**Try it**
Retype the whole listing exactly. Leave out pictures.

**Material for this exercise**
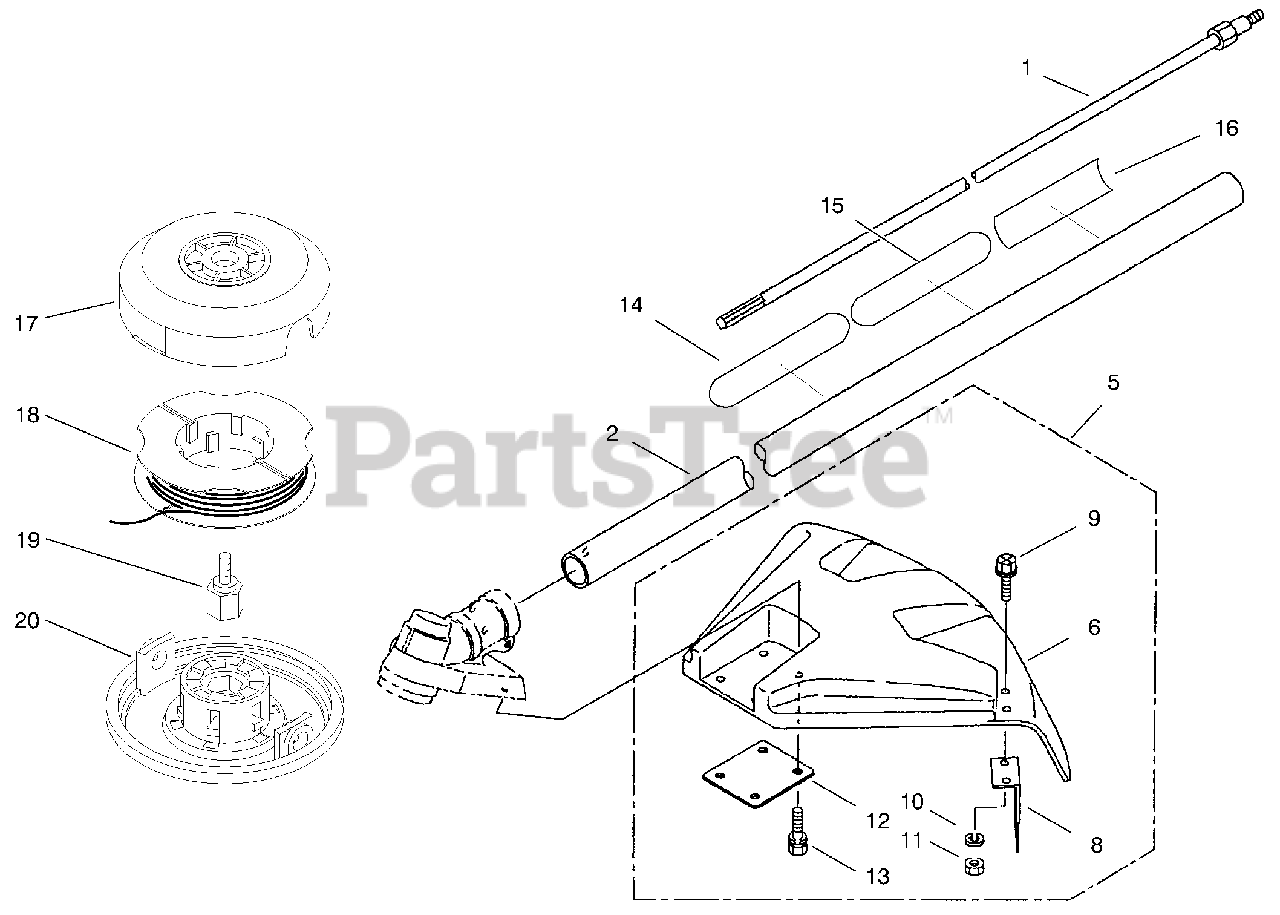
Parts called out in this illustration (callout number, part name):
1	Driveshaft Assembly
2	Driveshaft Tube Assembly (Incl. Ref. #14,15)
5	Safety Cover Assembly (Incl. Ref. # 6-13)
6	Safety Cover
8	String Cutter
10	Spring Washer
14	Decal-Caution
15	Decal-Caution
16	Decal-Toro
18	Spool with Line
19	Stud-Mounting
20	Base-Indexing

**Exercise output**
Parts called out in this illustration (callout number, part name):
1	Driveshaft Assembly
2	Driveshaft Tube Assembly (Incl. Ref. #14,15)
5	Safety Cover Assembly (Incl. Ref. # 6-13)
6	Safety Cover
8	String Cutter
10	Spring Washer
14	Decal-Caution
15	Decal-Caution
16	Decal-Toro
18	Spool with Line
19	Stud-Mounting
20	Base-Indexing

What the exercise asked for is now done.